7. The foundation according to Claim 6 wherein each of the side panels includes a plurality of vertical wooden reinforcing strips and wherein the top panel includes a plurality of horizontal wooden reinforcing strips, the reinforcing strips being arranged such that the horizontal reinforcing strips rest upon upper edges of the vertical reinforcing strips.

8. The foundation according to Claim 6 wherein each of the side panels includes a bottom wooden reinforcing strip extending horizontally therealong, the bottom reinforcing strip being attached to the rigid base plate.

9. The foundation according to Claim 6 wherein each of the side panels includes a plurality of vertical wooden reinforcing strips, a first of the strips being arranged at one end of the panel and further ones of the strips being arranged at spaced positions along the length of the panel with an opposed end of the panel being free from a reinforcing strip so as to allow engagement with the reinforcing strip at one end of an adjacent one of the side panels.

10. The foundation according to Claim 6 wherein the sheet material is formed from aspenite.

11. The foundation according to Claim 6 wherein the base plate of one side wall of the box form has a side edge thereof in a butting engagement with a side edge of the base plate of a parallel side wall of an adjacent box form so as to hold the adjacent side walls of the box form and the next adjacent box form at a required spaced position.

12. The foundation according to Claim 11 wherein each of the base plates comprises a wooden beam.

13. The foundation according to Claim 12 wherein the wooden beam is arranged beneath a lower edge of the respective side wall and projects outwardly to both sides thereof.

14. The foundation according to Claim 6 including a spacer member mounted on an upper edge of a side wall of a box form and upon an upper edge of a parallel side wall of an adjacent box form for supporting the reinforcing bars of the grid pattern in the slab member.
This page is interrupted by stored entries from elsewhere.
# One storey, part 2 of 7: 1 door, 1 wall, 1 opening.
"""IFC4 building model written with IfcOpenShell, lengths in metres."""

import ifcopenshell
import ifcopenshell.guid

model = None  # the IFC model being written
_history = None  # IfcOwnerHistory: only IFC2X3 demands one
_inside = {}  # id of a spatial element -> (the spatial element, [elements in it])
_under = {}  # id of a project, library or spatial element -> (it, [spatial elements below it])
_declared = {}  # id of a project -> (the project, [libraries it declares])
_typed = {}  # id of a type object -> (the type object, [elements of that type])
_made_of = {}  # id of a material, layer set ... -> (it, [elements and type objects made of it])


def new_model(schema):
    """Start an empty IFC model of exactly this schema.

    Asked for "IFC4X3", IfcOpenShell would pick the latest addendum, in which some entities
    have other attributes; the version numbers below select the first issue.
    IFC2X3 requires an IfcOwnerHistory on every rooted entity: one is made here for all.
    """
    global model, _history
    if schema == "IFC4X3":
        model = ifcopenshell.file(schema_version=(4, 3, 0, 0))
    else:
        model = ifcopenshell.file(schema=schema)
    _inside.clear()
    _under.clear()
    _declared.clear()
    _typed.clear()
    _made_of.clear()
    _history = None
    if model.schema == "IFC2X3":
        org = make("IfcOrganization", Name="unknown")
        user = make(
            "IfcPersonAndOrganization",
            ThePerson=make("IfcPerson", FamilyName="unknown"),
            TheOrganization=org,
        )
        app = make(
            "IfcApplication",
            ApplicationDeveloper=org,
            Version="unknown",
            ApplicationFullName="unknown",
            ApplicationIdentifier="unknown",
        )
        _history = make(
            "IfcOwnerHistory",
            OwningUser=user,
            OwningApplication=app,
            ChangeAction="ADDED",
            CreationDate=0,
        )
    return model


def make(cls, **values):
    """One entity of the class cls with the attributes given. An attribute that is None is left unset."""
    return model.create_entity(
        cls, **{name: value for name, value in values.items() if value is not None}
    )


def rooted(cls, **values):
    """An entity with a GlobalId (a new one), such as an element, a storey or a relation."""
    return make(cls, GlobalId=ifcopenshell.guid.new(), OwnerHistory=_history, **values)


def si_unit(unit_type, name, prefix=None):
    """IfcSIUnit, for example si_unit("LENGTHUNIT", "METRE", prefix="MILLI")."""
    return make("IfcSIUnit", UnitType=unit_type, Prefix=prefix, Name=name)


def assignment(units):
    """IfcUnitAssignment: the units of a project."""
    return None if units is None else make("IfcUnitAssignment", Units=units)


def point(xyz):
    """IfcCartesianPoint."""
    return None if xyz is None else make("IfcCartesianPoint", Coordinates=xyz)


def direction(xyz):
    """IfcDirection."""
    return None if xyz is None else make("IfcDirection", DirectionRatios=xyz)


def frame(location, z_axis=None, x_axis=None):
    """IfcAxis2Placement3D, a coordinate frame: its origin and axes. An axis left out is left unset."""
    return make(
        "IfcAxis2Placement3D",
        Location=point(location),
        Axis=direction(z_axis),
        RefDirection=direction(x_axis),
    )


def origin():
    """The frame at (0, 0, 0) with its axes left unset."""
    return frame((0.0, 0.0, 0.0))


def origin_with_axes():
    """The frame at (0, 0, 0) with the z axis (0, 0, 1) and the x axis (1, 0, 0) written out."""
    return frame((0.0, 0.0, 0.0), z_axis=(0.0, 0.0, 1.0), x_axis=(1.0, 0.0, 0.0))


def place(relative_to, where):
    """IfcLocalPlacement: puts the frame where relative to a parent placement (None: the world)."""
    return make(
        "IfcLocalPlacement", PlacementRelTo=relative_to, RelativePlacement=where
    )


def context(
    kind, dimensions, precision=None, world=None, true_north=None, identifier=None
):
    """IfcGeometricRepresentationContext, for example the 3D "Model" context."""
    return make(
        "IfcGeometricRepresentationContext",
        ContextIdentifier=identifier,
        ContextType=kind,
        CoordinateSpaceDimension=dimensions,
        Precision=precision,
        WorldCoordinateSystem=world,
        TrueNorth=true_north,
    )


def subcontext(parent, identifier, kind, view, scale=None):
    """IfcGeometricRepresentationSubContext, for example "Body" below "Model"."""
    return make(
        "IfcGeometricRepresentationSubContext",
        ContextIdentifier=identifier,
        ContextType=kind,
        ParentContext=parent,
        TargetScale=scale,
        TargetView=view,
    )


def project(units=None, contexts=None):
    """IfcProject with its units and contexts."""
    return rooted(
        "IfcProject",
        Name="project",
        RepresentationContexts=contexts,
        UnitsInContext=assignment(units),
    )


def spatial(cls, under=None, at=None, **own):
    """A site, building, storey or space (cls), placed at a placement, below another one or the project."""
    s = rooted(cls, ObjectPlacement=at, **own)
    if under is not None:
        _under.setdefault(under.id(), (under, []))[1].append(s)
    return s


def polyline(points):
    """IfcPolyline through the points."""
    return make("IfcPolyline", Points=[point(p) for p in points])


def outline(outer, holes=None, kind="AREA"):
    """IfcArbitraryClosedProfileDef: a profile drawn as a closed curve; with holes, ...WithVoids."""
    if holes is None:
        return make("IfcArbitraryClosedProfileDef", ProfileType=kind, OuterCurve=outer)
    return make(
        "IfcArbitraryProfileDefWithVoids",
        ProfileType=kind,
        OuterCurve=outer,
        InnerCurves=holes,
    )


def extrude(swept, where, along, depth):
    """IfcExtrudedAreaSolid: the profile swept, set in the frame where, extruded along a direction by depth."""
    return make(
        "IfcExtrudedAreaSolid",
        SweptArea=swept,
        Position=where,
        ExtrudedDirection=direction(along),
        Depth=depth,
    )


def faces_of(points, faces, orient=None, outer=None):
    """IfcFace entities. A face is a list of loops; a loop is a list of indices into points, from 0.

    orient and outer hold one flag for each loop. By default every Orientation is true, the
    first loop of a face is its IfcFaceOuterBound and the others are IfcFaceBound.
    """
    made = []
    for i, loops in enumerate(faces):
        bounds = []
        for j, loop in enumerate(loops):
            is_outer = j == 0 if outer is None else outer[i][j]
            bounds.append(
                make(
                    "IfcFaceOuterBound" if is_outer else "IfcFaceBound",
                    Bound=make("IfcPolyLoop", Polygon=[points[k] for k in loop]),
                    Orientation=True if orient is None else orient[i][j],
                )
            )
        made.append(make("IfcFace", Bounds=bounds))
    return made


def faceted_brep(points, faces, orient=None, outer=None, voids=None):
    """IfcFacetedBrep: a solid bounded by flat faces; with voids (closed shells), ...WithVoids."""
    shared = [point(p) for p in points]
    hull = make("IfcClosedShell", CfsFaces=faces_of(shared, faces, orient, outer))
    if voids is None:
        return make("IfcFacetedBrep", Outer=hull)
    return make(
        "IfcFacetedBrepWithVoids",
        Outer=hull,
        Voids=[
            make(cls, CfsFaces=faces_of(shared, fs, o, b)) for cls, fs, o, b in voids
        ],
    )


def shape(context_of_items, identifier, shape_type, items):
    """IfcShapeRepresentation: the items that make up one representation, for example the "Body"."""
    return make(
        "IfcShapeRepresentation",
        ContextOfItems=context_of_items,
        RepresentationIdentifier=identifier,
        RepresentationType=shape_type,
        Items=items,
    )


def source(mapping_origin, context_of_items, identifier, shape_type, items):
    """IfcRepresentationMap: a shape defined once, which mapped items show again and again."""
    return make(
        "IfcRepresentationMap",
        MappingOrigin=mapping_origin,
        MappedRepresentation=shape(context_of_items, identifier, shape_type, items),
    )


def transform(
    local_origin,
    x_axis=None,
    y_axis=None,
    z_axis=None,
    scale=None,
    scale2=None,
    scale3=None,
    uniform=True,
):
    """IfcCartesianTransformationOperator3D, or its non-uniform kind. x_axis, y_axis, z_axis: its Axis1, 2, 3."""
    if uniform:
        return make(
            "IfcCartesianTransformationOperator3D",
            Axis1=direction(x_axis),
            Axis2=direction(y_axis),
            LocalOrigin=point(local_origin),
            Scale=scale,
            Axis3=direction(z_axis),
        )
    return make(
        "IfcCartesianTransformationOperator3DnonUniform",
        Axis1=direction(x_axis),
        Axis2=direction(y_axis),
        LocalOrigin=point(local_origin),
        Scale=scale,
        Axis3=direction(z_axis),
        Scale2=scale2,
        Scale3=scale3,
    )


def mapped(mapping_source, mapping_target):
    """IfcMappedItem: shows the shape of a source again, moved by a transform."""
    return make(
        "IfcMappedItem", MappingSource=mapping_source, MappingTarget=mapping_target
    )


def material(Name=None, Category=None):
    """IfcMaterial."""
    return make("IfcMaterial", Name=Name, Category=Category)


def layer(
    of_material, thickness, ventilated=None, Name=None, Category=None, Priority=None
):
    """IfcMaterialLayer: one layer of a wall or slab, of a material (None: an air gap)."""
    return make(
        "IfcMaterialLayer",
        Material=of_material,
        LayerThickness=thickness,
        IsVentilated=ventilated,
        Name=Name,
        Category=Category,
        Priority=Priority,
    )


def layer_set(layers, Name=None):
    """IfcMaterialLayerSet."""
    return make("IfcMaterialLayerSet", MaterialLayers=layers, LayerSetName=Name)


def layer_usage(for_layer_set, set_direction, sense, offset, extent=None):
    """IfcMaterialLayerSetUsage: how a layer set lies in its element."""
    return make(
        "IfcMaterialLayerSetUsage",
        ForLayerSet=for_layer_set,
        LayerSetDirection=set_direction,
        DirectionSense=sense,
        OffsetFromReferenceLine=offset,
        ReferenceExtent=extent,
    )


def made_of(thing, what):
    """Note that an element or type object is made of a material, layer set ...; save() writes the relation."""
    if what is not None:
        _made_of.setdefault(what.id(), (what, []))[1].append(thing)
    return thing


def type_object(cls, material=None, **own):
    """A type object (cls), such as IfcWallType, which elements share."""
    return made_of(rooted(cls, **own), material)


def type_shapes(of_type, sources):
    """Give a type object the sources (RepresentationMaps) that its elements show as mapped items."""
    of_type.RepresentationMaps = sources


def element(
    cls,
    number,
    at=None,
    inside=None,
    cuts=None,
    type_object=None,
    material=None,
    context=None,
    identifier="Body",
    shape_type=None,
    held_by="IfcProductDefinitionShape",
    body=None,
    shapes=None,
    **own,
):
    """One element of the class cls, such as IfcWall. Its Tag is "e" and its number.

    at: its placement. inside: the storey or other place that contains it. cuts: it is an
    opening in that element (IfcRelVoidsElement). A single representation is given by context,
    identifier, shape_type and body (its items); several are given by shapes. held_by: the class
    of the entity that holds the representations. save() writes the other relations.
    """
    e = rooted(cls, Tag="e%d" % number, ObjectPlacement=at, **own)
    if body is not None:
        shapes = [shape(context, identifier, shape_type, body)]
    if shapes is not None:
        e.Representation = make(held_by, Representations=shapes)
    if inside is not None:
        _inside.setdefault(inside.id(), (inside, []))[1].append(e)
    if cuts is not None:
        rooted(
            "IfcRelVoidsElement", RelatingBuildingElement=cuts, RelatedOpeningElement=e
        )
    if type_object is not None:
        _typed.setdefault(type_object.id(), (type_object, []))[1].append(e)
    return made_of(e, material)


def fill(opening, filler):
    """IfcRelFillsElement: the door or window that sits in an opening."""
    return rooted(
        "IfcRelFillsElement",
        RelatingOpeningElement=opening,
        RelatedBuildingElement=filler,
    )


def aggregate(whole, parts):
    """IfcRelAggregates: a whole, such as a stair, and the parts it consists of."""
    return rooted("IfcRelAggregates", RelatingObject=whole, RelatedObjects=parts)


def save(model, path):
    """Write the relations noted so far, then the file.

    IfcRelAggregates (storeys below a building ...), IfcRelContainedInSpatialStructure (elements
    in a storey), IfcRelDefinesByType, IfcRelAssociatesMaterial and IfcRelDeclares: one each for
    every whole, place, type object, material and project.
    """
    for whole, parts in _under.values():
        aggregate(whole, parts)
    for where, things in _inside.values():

15. The foundation according to Claim 14 wherein each spacer member comprises a first portion bridging the space between the adjacent side walls and resting upon the respective top panel of each of the box forms and the second portion in engagement with outside surfaces of the respective side walls to hold the outside surfaces at the required spaced position, the second portion including an element thereof projecting upwardly from the top panels for receiving the reinforcing bars resting thereon.

16. The foundation according to Claim 15 wherein each box form includes four such spacer members each arranged on a respective side wall of the box form and extending therefrom to the next adjacent box form.

17. The foundation according to Claim 6 wherein the reinforcing bar extending longitudinally of each joist element includes a plurality of ring members engaged there around at spaced positions therealong, each of the ring members including a portion thereof extending downwardly from the reinforcing bar into engagement with the base plate

18 for supporting the reinforcing bar at a position spaced upwardly from a lowermost surface of the joist element.
18. The foundation according to Claim 6 including a plurality of outer support wall members extending substantially vertically at outermost edges of the slab member and extending vertically from an upper surface of the slab member downwardly to a position at a bottom of an outermost one of the joist elements, the outer wall being separate from the box forms and spaced outwardly therefrom so as to define a space therebetween receiving said outermost joist element.

19. The foundation according to Claim 18 wherein the outer wall includes a layer of an insulation material thereon.

20. The foundation according to Claim 19 including a duct member laid in the slab member adjacent the outer wall for communication of heated air around the periphery of the slab member.